As more awareness about climate change and its dire consequences for ecosystems and all living things is emerging, the carbon credit market is becoming increasingly popular in the media.
Thus, this option is outlined as one of the most innovative and disruptive measures in reducing CO2 emissions, one of the main Greenhouse Gases (GHG).
But what is a market bond?
Also known as carbon credits, they are proposed as an international mechanism to reduce carbon dioxide (CO2) emissions, thus reducing global warming, one of the most dangerous consequences of climate change.
By paying these bonds, the companies that acquire them have the right to generate emissions, considering these as a exchangeable type good.
Carbon credits allow you to acquire a Certificate of Reduced Emissions (CER). Thus, a CER would be equivalent in the carbon credit market to a ton of carbon dioxide that we save the planet.
The origin of the carbon credit market
Carbon credits emerged as one of the three mechanisms proposed in the Kyoto Protocol. The idea is to reward companies that pollute the least, and fine those that pollute more than allowed.
This was of special relevance to turn companies into actors of change against climate change; and especially in highly industrialized nations, which also have legislation that makes it mandatory for them to find and apply strategies to reduce GHG emissions — especially CO2.
The functioning of the bond market
Depending on the activity they carry out, companies have a maximum allowed amount of emissions. But this is not the only criterion: the size of the companies and the project in which they are involved are also particularly relevant.
The importance of projects, which must be green, responds to the obligation that the same carbon credit cannot be applied to more than one project.
When companies need to emit more than what is allowed, carbon credits — equivalent to tons, as we explained earlier — come into play, so that, having them in their possession, they can emit the equivalent amount of CO2.
Trading with carbon credits
However, if companies produce less excess emissions than they were allowed thanks to the acquisition of carbon credits, these can be traded in the carbon credit market.
Selling the bonds is a great way to grant the right to other companies that need it.
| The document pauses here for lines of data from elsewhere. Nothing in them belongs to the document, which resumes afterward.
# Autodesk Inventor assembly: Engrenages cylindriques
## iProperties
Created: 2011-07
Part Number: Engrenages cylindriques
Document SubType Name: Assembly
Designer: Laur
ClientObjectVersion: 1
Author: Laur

However, in the carbon credit market, companies must pay the monetary price set, either by the seller, or by the market itself.
Advantages of participating in the carbon credit market
The benefits that companies obtain when they become part of the carbon credit market are several. In the first place, it improves their reputation, cushioning risks and allowing them to position themselves, before the public opinion, as leaders in the fight against climate change.
Also, it is very advantageous that the reduction of emissions that they carry out is carried out respecting the highest quality standards thanks to the verification of third parties.
As can be seen, the fact that systems are being created and perfected in the fight against global warming and GHG emissions is a reflection not only of greater awareness; also of the urgency that the critical situation of the planet requires.
And remember that, with the Save The Planet Now compensation cards, you too can become an actor of change, supporting sustainable projects with the environment and thus mitigating the carbon footprint that you generate every day with your home and your activities.
Join the change!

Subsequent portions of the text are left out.